*** Begin section ***

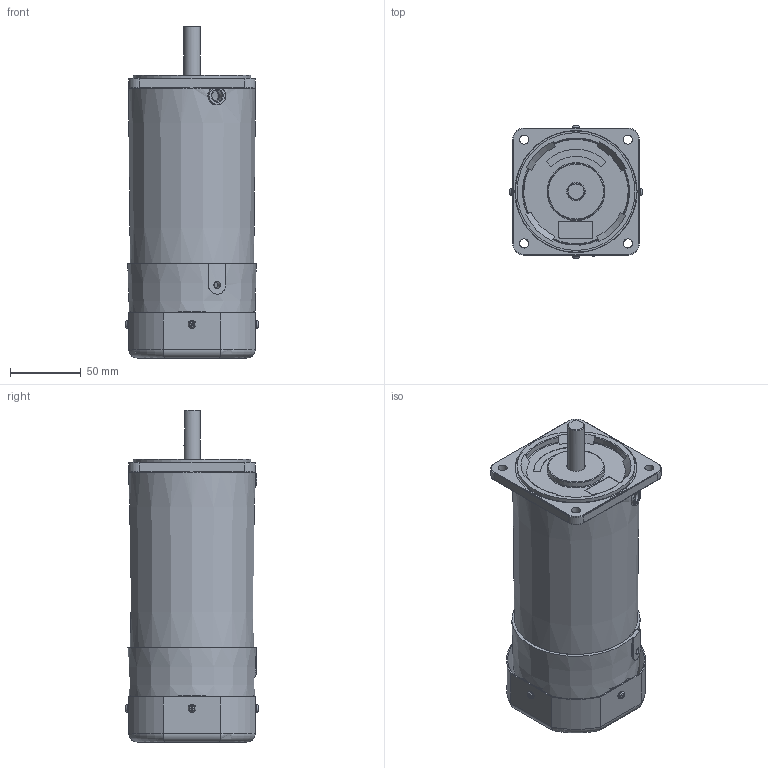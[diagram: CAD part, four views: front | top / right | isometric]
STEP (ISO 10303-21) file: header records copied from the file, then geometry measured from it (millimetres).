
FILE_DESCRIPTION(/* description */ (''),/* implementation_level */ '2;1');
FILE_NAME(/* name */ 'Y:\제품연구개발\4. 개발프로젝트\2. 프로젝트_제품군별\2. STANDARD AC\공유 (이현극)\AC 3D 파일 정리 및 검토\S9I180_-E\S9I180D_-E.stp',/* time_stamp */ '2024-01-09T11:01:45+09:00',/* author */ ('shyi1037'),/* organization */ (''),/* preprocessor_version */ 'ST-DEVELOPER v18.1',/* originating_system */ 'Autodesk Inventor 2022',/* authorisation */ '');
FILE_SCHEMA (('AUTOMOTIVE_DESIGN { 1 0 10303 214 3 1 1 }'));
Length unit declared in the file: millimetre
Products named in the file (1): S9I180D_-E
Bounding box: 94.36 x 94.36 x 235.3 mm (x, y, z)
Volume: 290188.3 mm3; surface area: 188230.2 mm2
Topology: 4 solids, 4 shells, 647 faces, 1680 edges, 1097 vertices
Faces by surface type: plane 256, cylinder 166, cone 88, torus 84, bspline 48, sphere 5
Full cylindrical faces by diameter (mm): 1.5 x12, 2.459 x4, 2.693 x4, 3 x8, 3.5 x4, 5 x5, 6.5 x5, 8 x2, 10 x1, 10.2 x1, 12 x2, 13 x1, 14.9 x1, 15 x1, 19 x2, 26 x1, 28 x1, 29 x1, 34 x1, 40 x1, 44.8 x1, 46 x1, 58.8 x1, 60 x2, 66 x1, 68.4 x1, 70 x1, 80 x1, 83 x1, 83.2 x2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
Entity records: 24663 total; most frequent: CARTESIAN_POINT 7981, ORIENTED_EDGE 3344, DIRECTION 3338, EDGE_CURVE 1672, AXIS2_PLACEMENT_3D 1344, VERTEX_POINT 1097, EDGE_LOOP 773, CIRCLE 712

*** End section ***

The data must be printed exactly, image-free.

◆ Response to this task:
[diagram: CAD part, four views: front | top / right | isometric]
STEP (ISO 10303-21) file: header records copied from the file, then geometry measured from it (millimetres).
FILE_DESCRIPTION(/* description */ (''),/* implementation_level */ '2;1');
FILE_NAME(/* name */ 'Y:\제품연구개발\4. 개발프로젝트\2. 프로젝트_제품군별\2. STANDARD AC\공유 (이현극)\AC 3D 파일 정리 및 검토\S9I180_-E\S9I180D_-E.stp',/* time_stamp */ '2024-01-09T11:01:45+09:00',/* author */ ('shyi1037'),/* organization */ (''),/* preprocessor_version */ 'ST-DEVELOPER v18.1',/* originating_system */ 'Autodesk Inventor 2022',/* authorisation */ '');
FILE_SCHEMA (('AUTOMOTIVE_DESIGN { 1 0 10303 214 3 1 1 }'));
Length unit declared in the file: millimetre
Products named in the file (1): S9I180D_-E
Bounding box: 94.36 x 94.36 x 235.3 mm (x, y, z)
Volume: 290188.3 mm3; surface area: 188230.2 mm2
Topology: 4 solids, 4 shells, 647 faces, 1680 edges, 1097 vertices
Faces by surface type: plane 256, cylinder 166, cone 88, torus 84, bspline 48, sphere 5
Full cylindrical faces by diameter (mm): 1.5 x12, 2.459 x4, 2.693 x4, 3 x8, 3.5 x4, 5 x5, 6.5 x5, 8 x2, 10 x1, 10.2 x1, 12 x2, 13 x1, 14.9 x1, 15 x1, 19 x2, 26 x1, 28 x1, 29 x1, 34 x1, 40 x1, 44.8 x1, 46 x1, 58.8 x1, 60 x2, 66 x1, 68.4 x1, 70 x1, 80 x1, 83 x1, 83.2 x2
Entity records: 24663 total; most frequent: CARTESIAN_POINT 7981, ORIENTED_EDGE 3344, DIRECTION 3338, EDGE_CURVE 1672, AXIS2_PLACEMENT_3D 1344, VERTEX_POINT 1097, EDGE_LOOP 773, CIRCLE 712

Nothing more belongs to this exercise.